What is needed: With the line containing "Faces by surface" as the starting point, write out each line exactly through the final line of the listing, both ends included.

───── Task data

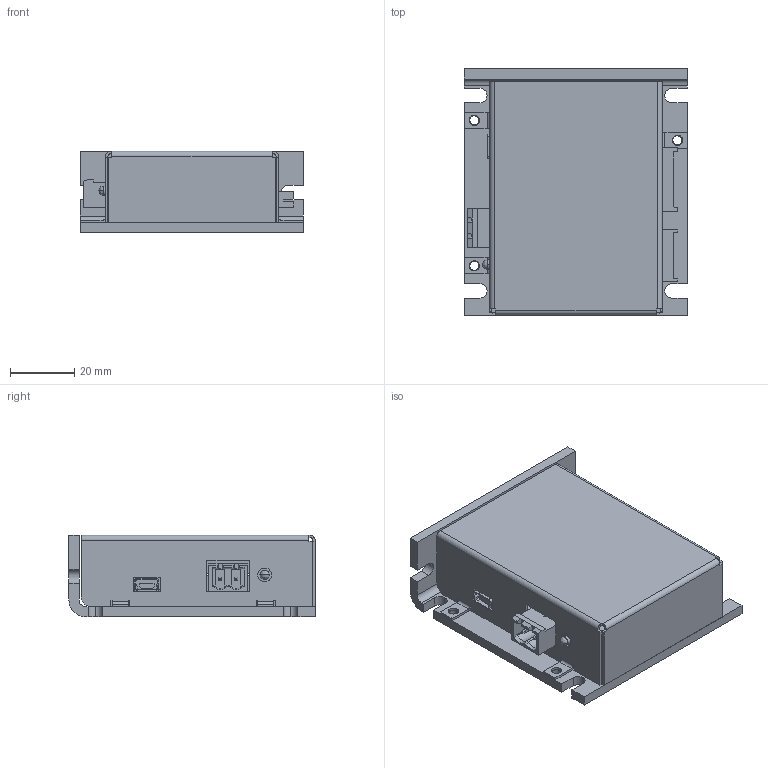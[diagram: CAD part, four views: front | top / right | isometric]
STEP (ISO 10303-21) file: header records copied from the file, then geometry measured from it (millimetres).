
FILE_DESCRIPTION (( 'STEP AP214' ), '1' );
FILE_NAME ('ACE-SXE-external.STEP', '2011-08-01T17:01:55', ( '' ), ( '' ), 'SwSTEP 2.0', 'SolidWorks 2011', '' );
FILE_SCHEMA (( 'AUTOMOTIVE_DESIGN' ));
Length unit declared in the file: inch
Products named in the file (8): SW3dPS-conn_usb_mini-1; SW3dPS-b18b-HRS-90D-1; SW3dPS-b14b-HRS-90D-1; SW3dPS-65-187, LED1x1,Y-1; mstba_2.5-2-g-1; ACE-SXE-COVER-1; ACE-BASE-PLATE-1; ACE-SXE-external
Assembly tree (7 placements, depth 2):
  ACE-SXE-external
    SW3dPS-b18b-HRS-90D-1
    SW3dPS-65-187, LED1x1,Y-1
    mstba_2.5-2-g-1
    SW3dPS-b14b-HRS-90D-1
    ACE-BASE-PLATE-1
    SW3dPS-conn_usb_mini-1
    ACE-SXE-COVER-1
Bounding box: 69.85 x 76.83 x 25.4 mm (x, y, z)
Volume: 27528.3 mm3; surface area: 34846.3 mm2
Topology: 6 solids, 9 shells, 1345 faces, 3484 edges, 2215 vertices
Faces by surface type: plane 1052, cylinder 289, bspline 2, cone 2
Entity records: 58242 total; most frequent: CARTESIAN_POINT 7095, ORIENTED_EDGE 6944, DIRECTION 6780, EDGE_CURVE 3482, VECTOR 2884, LINE 2884, VERTEX_POINT 2215, AXIS2_PLACEMENT_3D 1948

──────────

Answer section:
Faces by surface type: plane 1052, cylinder 289, bspline 2, cone 2
Entity records: 58242 total; most frequent: CARTESIAN_POINT 7095, ORIENTED_EDGE 6944, DIRECTION 6780, EDGE_CURVE 3482, VECTOR 2884, LINE 2884, VERTEX_POINT 2215, AXIS2_PLACEMENT_3D 1948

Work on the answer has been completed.